Dar melhor resposta aos desígnios da sociedade
De forma progressiva, as nossas compras deixam de ser um mero acto de resposta às necessidades que pretendemos satisfazer, para se tornarem também um acto de consciência social e ambiental e passamos a expressar, cada vez mais, os nossos valores, anseios e exigências através dos produtos que adquirimos. Se estamos rodeados de focos de activismo, com que, muitas vezes, discordamos do fundamentalismo, não deixamos, por isso, de ter uma preocupação crescente com temas como o desperdício alimentar (e não só), com os impactos ambientais do nosso consumo ou com a saúde e o bem-estar (nosso e dos que nos rodeiam). O esforço que muitas marcas e muitos retalhistas fazem hoje para, mesmo antes de quaisquer imposições legais, dar resposta positiva aos anseios dos consumidores e aos desígnios da sociedade irá ser paulatinamente premiado e os cidadãos sentirão que, com a ajuda de marcas e retalhistas, também poderão cumprir a sua parte.
Cocriar um melhor futuro para os consumidores e com os consumidores
Ter o consumidor no centro de todas as decisões ou afirmar que apenas a cooperação entre todos os elos da cadeia permite a melhor entrega de qualidade, experiência e valor ao consumidor são, hoje, muito mais do que meros chavões.

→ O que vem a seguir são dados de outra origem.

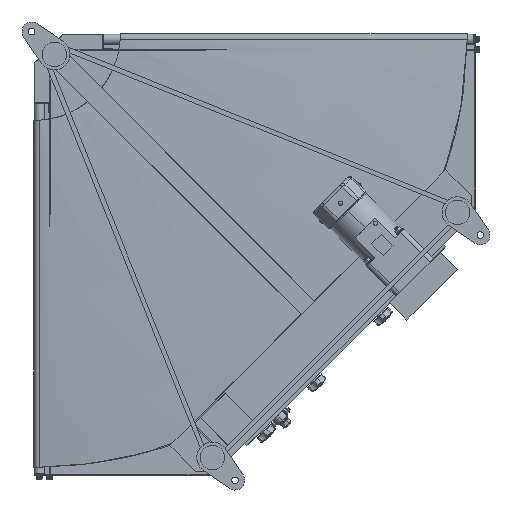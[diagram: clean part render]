
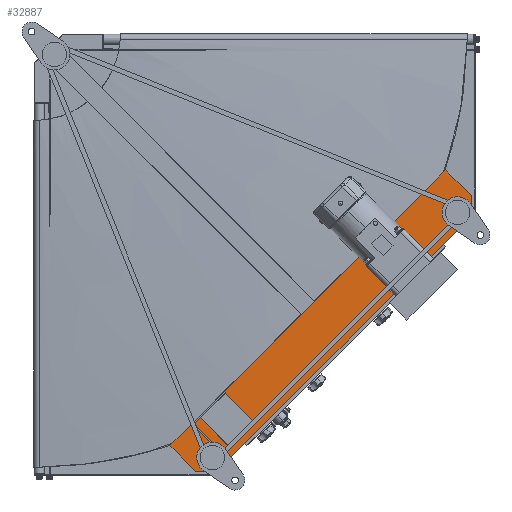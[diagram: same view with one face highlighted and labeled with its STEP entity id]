
A CAD part, front view. The second image highlights one B-rep face of the part: STEP entity #32887.
In plain terms, the highlighted planar face has unit normal (0, -1, 0).
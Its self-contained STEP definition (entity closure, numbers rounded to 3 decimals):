
#1490 = CARTESIAN_POINT ( 'NONE',  ( 266.226, -167.5, -807.162 ) ) ;
#2664 = LINE ( 'NONE', #7294, #27297 ) ;
#3270 = LINE ( 'NONE', #11333, #8292 ) ;
#4797 = VERTEX_POINT ( 'NONE', #33683 ) ;
#4820 = CARTESIAN_POINT ( 'NONE',  ( 0., -167.5, 0. ) ) ;
#5380 = PLANE ( 'NONE',  #21027 ) ;
#5580 = VECTOR ( 'NONE', #8910, 1000. ) ;
#5699 = FACE_OUTER_BOUND ( 'NONE', #10685, .T. ) ;
#7294 = CARTESIAN_POINT ( 'NONE',  ( 266.226, -167.5, -807.162 ) ) ;
#7942 = ORIENTED_EDGE ( 'NONE', *, *, #31815, .F. ) ;
#8292 = VECTOR ( 'NONE', #27537, 1000. ) ;
#8380 = CARTESIAN_POINT ( 'NONE',  ( 856.66, -167.5, -315.723 ) ) ;
#8863 = VERTEX_POINT ( 'NONE', #37554 ) ;
#8873 = VECTOR ( 'NONE', #39647, 1000. ) ;
#8910 = DIRECTION ( 'NONE',  ( 0., 0., -1. ) ) ;
#10510 = DIRECTION ( 'NONE',  ( -0.707, 0., 0.707 ) ) ;
#10685 = EDGE_LOOP ( 'NONE', ( #26331, #30243, #7942, #37642, #14201, #25179 ) ) ;
#11107 = EDGE_CURVE ( 'NONE', #4797, #16209, #2664, .T. ) ;
#11265 = DIRECTION ( 'NONE',  ( 0., 0., 1. ) ) ;
#11333 = CARTESIAN_POINT ( 'NONE',  ( 266.226, -167.5, -807.162 ) ) ;
#11761 = CARTESIAN_POINT ( 'NONE',  ( 315.723, -167.5, -856.66 ) ) ;
#14201 = ORIENTED_EDGE ( 'NONE', *, *, #40441, .F. ) ;
#15511 = VERTEX_POINT ( 'NONE', #17640 ) ;
#16209 = VERTEX_POINT ( 'NONE', #1490 ) ;
#16418 = VERTEX_POINT ( 'NONE', #8380 ) ;
#17640 = CARTESIAN_POINT ( 'NONE',  ( 856.66, -167.5, -358.15 ) ) ;
#19169 = LINE ( 'NONE', #35131, #26245 ) ;
#21027 = AXIS2_PLACEMENT_3D ( 'NONE', #4820, #30529, #11265 ) ;
#24936 = VERTEX_POINT ( 'NONE', #29222 ) ;
#25179 = ORIENTED_EDGE ( 'NONE', *, *, #37926, .F. ) ;
#26245 = VECTOR ( 'NONE', #41674, 1000. ) ;
#26331 = ORIENTED_EDGE ( 'NONE', *, *, #34552, .F. ) ;
#26550 = LINE ( 'NONE', #11761, #28047 ) ;
#27297 = VECTOR ( 'NONE', #10510, 1000. ) ;
#27476 = LINE ( 'NONE', #30234, #8873 ) ;
#27537 = DIRECTION ( 'NONE',  ( 0.707, 0., 0.707 ) ) ;
#28047 = VECTOR ( 'NONE', #40888, 1000. ) ;
#28257 = EDGE_CURVE ( 'NONE', #24936, #16418, #19169, .T. ) ;
#29222 = CARTESIAN_POINT ( 'NONE',  ( 807.162, -167.5, -266.226 ) ) ;
#30234 = CARTESIAN_POINT ( 'NONE',  ( 358.15, -167.5, -856.66 ) ) ;
#30243 = ORIENTED_EDGE ( 'NONE', *, *, #28257, .F. ) ;
#30529 = DIRECTION ( 'NONE',  ( 0., 1., 0. ) ) ;
#31408 = CARTESIAN_POINT ( 'NONE',  ( 856.66, -167.5, -358.15 ) ) ;
#31815 = EDGE_CURVE ( 'NONE', #16209, #24936, #3270, .T. ) ;
#32887 = ADVANCED_FACE ( 'NONE', ( #5699 ), #5380, .F. ) ;
#33683 = CARTESIAN_POINT ( 'NONE',  ( 315.723, -167.5, -856.66 ) ) ;
#34552 = EDGE_CURVE ( 'NONE', #16418, #15511, #39222, .T. ) ;
#35131 = CARTESIAN_POINT ( 'NONE',  ( 807.162, -167.5, -266.226 ) ) ;
#37554 = CARTESIAN_POINT ( 'NONE',  ( 358.15, -167.5, -856.66 ) ) ;
#37642 = ORIENTED_EDGE ( 'NONE', *, *, #11107, .F. ) ;
#37926 = EDGE_CURVE ( 'NONE', #15511, #8863, #27476, .T. ) ;
#39222 = LINE ( 'NONE', #31408, #5580 ) ;
#39647 = DIRECTION ( 'NONE',  ( -0.707, 0., -0.707 ) ) ;
#40441 = EDGE_CURVE ( 'NONE', #8863, #4797, #26550, .T. ) ;
#40888 = DIRECTION ( 'NONE',  ( -1., 0., 0. ) ) ;
#41674 = DIRECTION ( 'NONE',  ( 0.707, 0., -0.707 ) ) ;

Um consumidor que quer ver as suas necessidades satisfeitas, mas que valoriza aqueles que antecipam e dão resposta a necessidades que apenas mais tarde reconhecerá. Um consumidor que quer ser mimado e surpreendido. Um consumidor que, de facto, e com as suas compras diárias, suporta e alimenta o esforço, o investimento e a rentabilidade de toda a fileira. Por isso, será de apostar fortemente em soluções que resolvam as interrogações (actuais e futuras) do consumidor e o seu sucesso será tanto maior quanto mais ele for envolvido na respectiva concepção e desenvolvimento.
Que 2024 seja, pois, um ano de inversão de ciclo, um ano de recuperação e de sucesso para o universo FMCG e para os consumidores para os quais diariamente trabalhamos.
* Diretor geral Centromarca. Este artigo foi publicado originalmente na edição N.º 84 da Grande Consumo.